National Children's Book Week is organised by Booktrust.

Wednesday, 5 October 2005

Women Writers Who Don't

Though twice as many women as men are writing, they are 50 per cent less likely to send off their manuscripts to publishers or agents, or to apply for writing grants.

Debbie Taylor of Mslexia
As quoted in Writer's Services Comments

Sadly this is all too true. I should know. I am one of the 50 percent less likely to apply a stamp to my submission letters.

Debbie’s theory is that this failure to push our work out into the real world is due to a lack of support in our (women’s) intimate relationships.

This excuse I dare not claim – my family (especially my husband) have been supportive to the point of pushy (“Have you published it yet, Mum?”). But it certainly is more difficult for women to allow themselves certain freedoms. More often than not, one decides to forego that hour of working on the manuscript to clean the kitchen, knowing full well that the kitchen will revert to its state of original sin within minutes of the kids getting home from school.

James Frey in How to Write a Damn Good Novel II (How to Write Damn Good Fiction: Advanced Techniques for Dramatic Storytelling in the UK) puts it rather harshly:

To become a damn good novelist you will have to put in your time writing. And that means that you won’t be doing things other people do because you won’t have time for them.
But what if you’ve got kids and responsibilities and the like? Okay, you will have to have a job, a secondary career, but it cannot be the centre of your life.

The writing will have to be the centre of your life.

Ouch.

And if you are a mother, double ouch. Because if you’ve got kids and home and husband and oven and washing machine and underwear and toilets on your mind, chances are creativity is on indefinite leave.

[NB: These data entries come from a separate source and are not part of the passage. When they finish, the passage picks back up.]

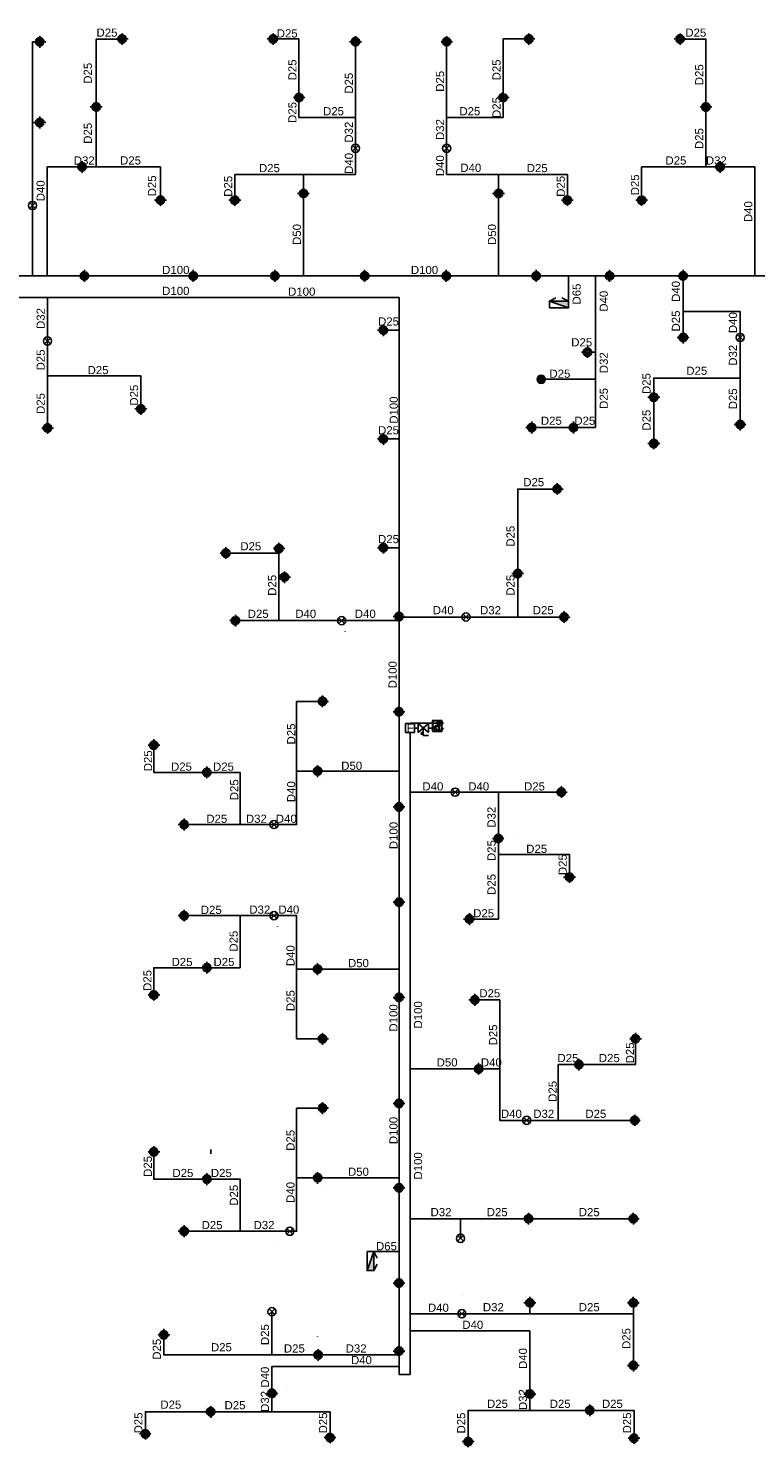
# Model space of a CAD drawing. Header units: millimetres. Extents: x -28974 to 809679, y 113632 to 171595.
# Tile 2 of 7: x -2588 to 24133, y 114092 to 166262. Entities that reach past the tile are written whole.
import ezdxf
from ezdxf.enums import TextEntityAlignment as Align

# ---------------------------------------------------------------- set-up
doc = ezdxf.new("R2010")
doc.units = ezdxf.units.MM
doc.header["$MEASUREMENT"] = 0
for name, pattern in [('DAU PHUN TANG PODIUM$0$PHANTOM', [2.5, 1.25, -0.25, 0.25, -0.25, 0.25, -0.25]), ('X - Tower A- Core$0$X - Tower A- Core$0$MB DH 4T TC 220 co dien$0$DASHED', [0.75, 0.5, -0.25]), ('X - Tower A- Core$0$X - Tower A- Core$0$MB DH 4T TC 220 co dien$0$HIDDEN2', [0.1875, 0.125, -0.0625])]:
    doc.linetypes.add(name, pattern=pattern)
doc.layers.get('0').update_dxf_attribs({"color": 8})
for name, color, linetype, lineweight in [('A-Lat san', 8, 'Continuous', 5), ('lhp-fire cable', 150, 'Continuous', 25), ('Sprinkler head 21-04', 60, 'Continuous', 20), ('X - Tower A- Core$0$X - Tower A- Core$0$KTV-M&E', 8, 'Continuous', 30), ('X - Tower E1&E2- Core$0$A-Wall', 7, 'Continuous', 40)]:
    doc.layers.add(name, color=color, linetype=linetype, lineweight=lineweight)
for name, color, linetype in [('FIRE', 8, 'Continuous'), ('lhp - pipe 100', 100, 'Continuous'), ('lhp - pipe 25', 25, 'Continuous'), ('lhp - pipe 32', 32, 'Continuous'), ('lhp - pipe 40', 40, 'Continuous'), ('lhp - pipe 50', 50, 'Continuous'), ('lhp - pipe 65', 65, 'Continuous'), ('lhp-fire-equipment', 2, 'Continuous'), ('lhp-pipe', 200, 'Continuous'), ('lhp-text', 142, 'Continuous'), ('sprinkller quay xuong', 2, 'Continuous'), ('TEXT', 142, 'Continuous'), ('VNBT-FF-DEVICE', 2, 'Continuous'), ('VNBT-FF-TEXT', 140, 'Continuous'), ('X - Tower E1&E2- Core$0$lhp-fire equipment', 11, 'Continuous')]:
    doc.layers.add(name, color=color, linetype=linetype)
doc.styles.add('LHP', font='arial.ttf')

# ---------------------------------------------------------------- blocks, each defined once
blk = doc.blocks.new('X - Tower E1&E2- Core$0$Họng đôi')
at = {"layer": 'X - Tower E1&E2- Core$0$lhp-fire equipment'}
h = blk.add_hatch(color=256, dxfattribs=at)
h.dxf.hatch_style = 1
h.paths.add_polyline_path([(-42129, -155529), (-42129, -155279), (-42829, -155529)])
for p, q in [((-42129, -155279), (-42829, -155529)), ((-42829, -155529), (-42592, -155653)), ((-42129, -155529), (-42367, -155653))]:
    blk.add_line(p, q, dxfattribs=at)
blk.add_lwpolyline([(-42829, -155279), (-42129, -155279), (-42129, -155529), (-42829, -155529)], close=True, dxfattribs=at)
blk = doc.blocks.new('SDF')
at = {"layer": 'VNBT-FF-DEVICE', "linetype": 'Continuous'}
for p, q in [((213358, -1655, 0), (213022, -1655, 0)), ((213022, -1655, 0), (213022, -1991, 0)), ((213022, -1991, 0), (213358, -1991, 0)), ((213358, -1991, 0), (213358, -1655, 0))]:
    blk.add_line(p, q, dxfattribs=at)
at = {"layer": 'VNBT-FF-DEVICE'}
for p, q in [((212912, -2311, 0), (213190, -2311, 0)), ((212912, -2311, 0), (212912, -2500, 0)), ((213011, -2236, 0), (212968, -2311, 0)), ((212968, -2236, 0), (213011, -2311, 0)), ((213358, -2500, 0), (213022, -2122, 0)), ((213022, -2122, 0), (213358, -2122, 0)), ((213358, -2122, 0), (213022, -2500, 0)), ((213022, -2500, 0), (213358, -2500, 0))]:
    blk.add_line(p, q, dxfattribs=at)
at = {"layer": 'VNBT-FF-DEVICE', "elevation": 0}
blk.add_lwpolyline([(212968, -2311), (212968, -2236), (213011, -2236), (213011, -2311)], close=True, dxfattribs=at)
at = {"layer": 'VNBT-FF-TEXT', "linetype": 'Continuous', "style": 'LHP'}
blk.add_text('F', height=300, rotation=270.0028, dxfattribs=at).set_placement((213200, -1832, 0), align=Align.MIDDLE)
blk = doc.blocks.new('X - Tower A- Core$0$X - Tower A- Core$0$sdfasfds')
at = {"layer": 'X - Tower A- Core$0$X - Tower A- Core$0$KTV-M&E', "color": 60}
for p, q in [((-299, 128), (85, 128)), ((-299, 28, 0), (-299, 128, 0)), ((-299, 28), (85, 28)), ((-288, 33), (-257, 33)), ((-283, 45), (-285, 44)), ((-285, 44), (-285, 35)), ((-262, 45), (-283, 45)), ((-279, 43), (-279, 35)), ((-278, 45), (-278, 55)), ((-278, -54), (-278, 28)), ((-266, 45), (-266, 55)), ((-266, 43), (-266, 35)), ((-266, -54), (-266, 28)), ((-260, 44), (-262, 45)), ((-260, 35), (-260, 44)), ((-112, 33), (-81, 33)), ((-107, 45), (-109, 44)), ((-109, 44), (-109, 35)), ((-86, 45), (-107, 45)), ((-103, 43), (-103, 35)), ((-102, 45), (-102, 55)), ((-102, -54), (-102, 28)), ((-90, 45), (-90, 55)), ((-90, 43), (-90, 35)), ((-90, -54), (-90, 28)), ((-84, 44), (-86, 45)), ((-84, 35), (-84, 44)), ((-46, 33), (-20, 33)), ((-42, 43), (-43, 42)), ((-43, 42), (-43, 34)), ((-25, 43), (-42, 43)), ((-38, 43), (-38, 52)), ((-38, 41), (-38, 34)), ((-38, 0), (-38, 28)), ((-28, 43), (-28, 52)), ((-28, 41), (-28, 34)), ((-28, 0), (-28, 28)), ((-23, 42), (-25, 43)), ((-23, 34), (-23, 42)), ((20, 33), (46, 33)), ((24, 43), (23, 42)), ((23, 42), (23, 34)), ((41, 43), (24, 43)), ((28, 43), (28, 52)), ((28, 41), (28, 34)), ((28, 0), (28, 28)), ((38, 43), (38, 52)), ((38, 41), (38, 34)), ((38, 0), (38, 28)), ((43, 42), (41, 43)), ((43, 34), (43, 42))]:
    blk.add_line(p, q, dxfattribs=at)
at = {"layer": 'X - Tower A- Core$0$X - Tower A- Core$0$KTV-M&E', "color": 60, "linetype": 'X - Tower A- Core$0$X - Tower A- Core$0$MB DH 4T TC 220 co dien$0$DASHED', "ltscale": 3}
for p, q in [((-299, 123), (85, 123)), ((-299, 33), (85, 33))]:
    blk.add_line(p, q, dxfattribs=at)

I once attended a talk where Anne Fine (Madame Doubtfire, The Tulip Touch) said behind every successful female writer is a wildly successful, millions-making husband. Well, she didn’t put it quite like that. But you get the idea.

If only that were true for all us aspiring-authors with dishpan hands.

Frey writes: “Once faith (in writing) is broken, the writer is unlikely to go back to writing, ever.”

So how do you keep the faith? You keep the faith by doing it all.

I once set up a website to encourage creativity in mothers – home-bound or office-bound. It was based on my own realisation that there would never be time for my creative life unless I allowed myself to make time for it. Here was the anthem of Mum at Work :
Let’s do it all, we’re already tired anyway.
I haven’t updated the site for a few years now (too busy being creative!), but you can still check it out. I try to refer back to it when I'm fed up and tired and discouraged. It reminds me of that shining thing out there somewhere called Hope and gets me writing again.

Family supportiveness is important to the success of your extra-curricular endeavours. But more important I think is just giving yourself permission to do it.